Every line from the beginning of the records below up to the one holding "#343=PLANE('',#522);" should be quoted exactly; leave out the rest.

Data records
-- -- --

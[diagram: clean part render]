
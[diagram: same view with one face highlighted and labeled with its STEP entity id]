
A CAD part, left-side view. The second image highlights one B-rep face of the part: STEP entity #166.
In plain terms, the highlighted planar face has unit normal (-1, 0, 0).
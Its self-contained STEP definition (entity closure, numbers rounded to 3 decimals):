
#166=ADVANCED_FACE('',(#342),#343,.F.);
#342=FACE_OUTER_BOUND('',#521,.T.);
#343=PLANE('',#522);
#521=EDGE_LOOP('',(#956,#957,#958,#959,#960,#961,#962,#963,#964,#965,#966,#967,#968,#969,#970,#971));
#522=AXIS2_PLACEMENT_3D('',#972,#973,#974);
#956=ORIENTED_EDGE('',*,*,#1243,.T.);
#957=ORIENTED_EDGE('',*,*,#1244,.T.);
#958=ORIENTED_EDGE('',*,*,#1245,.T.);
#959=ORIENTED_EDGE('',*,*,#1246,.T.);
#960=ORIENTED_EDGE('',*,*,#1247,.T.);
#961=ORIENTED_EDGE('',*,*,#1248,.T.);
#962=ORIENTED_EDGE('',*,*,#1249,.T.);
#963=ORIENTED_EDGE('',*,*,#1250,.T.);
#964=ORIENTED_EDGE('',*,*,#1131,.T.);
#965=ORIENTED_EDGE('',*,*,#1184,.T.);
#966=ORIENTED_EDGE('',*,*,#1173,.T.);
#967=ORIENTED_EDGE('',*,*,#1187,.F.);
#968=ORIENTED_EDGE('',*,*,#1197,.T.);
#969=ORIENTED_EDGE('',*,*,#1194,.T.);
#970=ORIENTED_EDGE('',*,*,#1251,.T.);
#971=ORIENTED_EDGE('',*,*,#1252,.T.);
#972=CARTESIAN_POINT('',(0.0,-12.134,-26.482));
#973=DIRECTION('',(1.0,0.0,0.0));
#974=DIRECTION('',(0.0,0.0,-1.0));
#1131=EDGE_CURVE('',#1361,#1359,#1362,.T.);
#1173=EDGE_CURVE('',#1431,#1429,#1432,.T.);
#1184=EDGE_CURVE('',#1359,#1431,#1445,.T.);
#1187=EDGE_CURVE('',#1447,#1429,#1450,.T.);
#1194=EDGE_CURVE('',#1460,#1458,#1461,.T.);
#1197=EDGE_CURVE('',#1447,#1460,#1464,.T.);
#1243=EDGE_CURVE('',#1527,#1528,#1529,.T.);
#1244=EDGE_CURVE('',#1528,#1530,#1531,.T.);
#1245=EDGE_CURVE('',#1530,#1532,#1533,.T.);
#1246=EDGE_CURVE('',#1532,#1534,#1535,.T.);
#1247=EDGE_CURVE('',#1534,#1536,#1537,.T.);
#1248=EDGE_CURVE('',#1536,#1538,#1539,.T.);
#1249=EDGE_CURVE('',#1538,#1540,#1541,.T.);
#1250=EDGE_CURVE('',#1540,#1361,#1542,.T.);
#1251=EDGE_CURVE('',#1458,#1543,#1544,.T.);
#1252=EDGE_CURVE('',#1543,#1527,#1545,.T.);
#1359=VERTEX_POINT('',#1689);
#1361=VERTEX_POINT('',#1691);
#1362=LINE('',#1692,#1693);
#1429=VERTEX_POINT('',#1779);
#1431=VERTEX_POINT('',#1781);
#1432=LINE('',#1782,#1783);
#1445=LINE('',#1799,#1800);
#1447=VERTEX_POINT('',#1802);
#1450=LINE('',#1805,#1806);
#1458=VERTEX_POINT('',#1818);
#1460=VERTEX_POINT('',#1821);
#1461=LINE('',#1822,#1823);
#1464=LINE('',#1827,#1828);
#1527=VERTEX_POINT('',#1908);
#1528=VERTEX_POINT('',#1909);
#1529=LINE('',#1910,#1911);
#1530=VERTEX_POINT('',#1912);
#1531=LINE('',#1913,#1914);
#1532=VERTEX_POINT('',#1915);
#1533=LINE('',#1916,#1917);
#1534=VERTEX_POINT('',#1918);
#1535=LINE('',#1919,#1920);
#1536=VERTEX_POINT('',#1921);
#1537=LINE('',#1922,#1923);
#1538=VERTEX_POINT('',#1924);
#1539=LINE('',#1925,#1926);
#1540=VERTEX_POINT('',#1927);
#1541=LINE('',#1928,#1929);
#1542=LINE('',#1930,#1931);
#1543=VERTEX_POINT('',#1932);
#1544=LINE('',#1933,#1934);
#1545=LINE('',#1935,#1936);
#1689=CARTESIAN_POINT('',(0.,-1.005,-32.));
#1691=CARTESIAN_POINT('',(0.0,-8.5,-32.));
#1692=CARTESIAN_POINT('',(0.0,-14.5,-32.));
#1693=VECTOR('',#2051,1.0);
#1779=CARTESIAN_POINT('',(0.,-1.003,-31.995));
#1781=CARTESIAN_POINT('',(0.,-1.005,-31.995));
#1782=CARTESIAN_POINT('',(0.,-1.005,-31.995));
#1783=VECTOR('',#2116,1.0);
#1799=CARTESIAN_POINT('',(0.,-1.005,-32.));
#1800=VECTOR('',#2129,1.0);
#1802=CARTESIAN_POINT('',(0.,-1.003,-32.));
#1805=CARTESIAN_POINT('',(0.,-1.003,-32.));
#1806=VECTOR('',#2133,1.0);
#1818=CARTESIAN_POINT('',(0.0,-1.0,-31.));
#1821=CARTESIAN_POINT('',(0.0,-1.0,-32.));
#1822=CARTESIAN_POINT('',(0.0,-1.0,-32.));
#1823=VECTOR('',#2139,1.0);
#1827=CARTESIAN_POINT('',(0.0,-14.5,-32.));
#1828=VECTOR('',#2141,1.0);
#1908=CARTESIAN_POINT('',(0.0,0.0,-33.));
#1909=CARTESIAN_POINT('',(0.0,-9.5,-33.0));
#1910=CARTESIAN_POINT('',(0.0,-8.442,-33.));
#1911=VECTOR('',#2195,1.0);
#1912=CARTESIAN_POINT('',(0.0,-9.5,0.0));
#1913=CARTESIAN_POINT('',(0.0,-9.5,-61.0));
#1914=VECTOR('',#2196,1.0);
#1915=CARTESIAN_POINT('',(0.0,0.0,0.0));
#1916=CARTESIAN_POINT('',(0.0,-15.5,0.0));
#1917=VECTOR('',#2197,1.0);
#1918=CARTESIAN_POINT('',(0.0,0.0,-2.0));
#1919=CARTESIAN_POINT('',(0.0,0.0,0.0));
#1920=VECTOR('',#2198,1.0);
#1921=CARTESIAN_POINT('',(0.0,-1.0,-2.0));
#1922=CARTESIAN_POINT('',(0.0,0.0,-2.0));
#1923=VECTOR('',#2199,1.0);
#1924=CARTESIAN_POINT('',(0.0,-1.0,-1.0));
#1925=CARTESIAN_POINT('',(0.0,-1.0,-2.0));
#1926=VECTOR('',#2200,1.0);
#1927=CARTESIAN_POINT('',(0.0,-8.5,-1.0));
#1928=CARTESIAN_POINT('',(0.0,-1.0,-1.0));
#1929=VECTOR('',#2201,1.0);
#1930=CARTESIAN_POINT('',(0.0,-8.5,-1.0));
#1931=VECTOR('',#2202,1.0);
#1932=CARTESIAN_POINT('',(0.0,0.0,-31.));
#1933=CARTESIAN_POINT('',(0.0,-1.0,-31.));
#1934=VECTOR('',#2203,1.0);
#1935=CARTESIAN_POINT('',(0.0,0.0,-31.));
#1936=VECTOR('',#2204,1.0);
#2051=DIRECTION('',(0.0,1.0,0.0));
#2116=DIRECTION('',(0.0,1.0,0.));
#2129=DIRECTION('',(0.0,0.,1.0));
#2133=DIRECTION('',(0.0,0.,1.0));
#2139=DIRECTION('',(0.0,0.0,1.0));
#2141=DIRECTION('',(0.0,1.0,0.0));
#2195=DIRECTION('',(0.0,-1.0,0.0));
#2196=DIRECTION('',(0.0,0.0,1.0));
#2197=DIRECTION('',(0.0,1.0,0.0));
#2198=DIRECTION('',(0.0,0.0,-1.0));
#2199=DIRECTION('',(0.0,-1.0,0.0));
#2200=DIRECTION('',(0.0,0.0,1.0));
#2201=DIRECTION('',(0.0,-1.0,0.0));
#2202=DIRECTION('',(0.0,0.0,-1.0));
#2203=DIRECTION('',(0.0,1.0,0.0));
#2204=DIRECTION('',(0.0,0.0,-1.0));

-- -- --

**Written solution**
[diagram: clean part render]
[diagram: same view with one face highlighted and labeled with its STEP entity id]
A CAD part, left-side view. The second image highlights one B-rep face of the part: STEP entity #166.
In plain terms, the highlighted planar face has unit normal (-1, 0, 0).
Its self-contained STEP definition (entity closure, numbers rounded to 3 decimals):
#166=ADVANCED_FACE('',(#342),#343,.F.);
#342=FACE_OUTER_BOUND('',#521,.T.);
#343=PLANE('',#522);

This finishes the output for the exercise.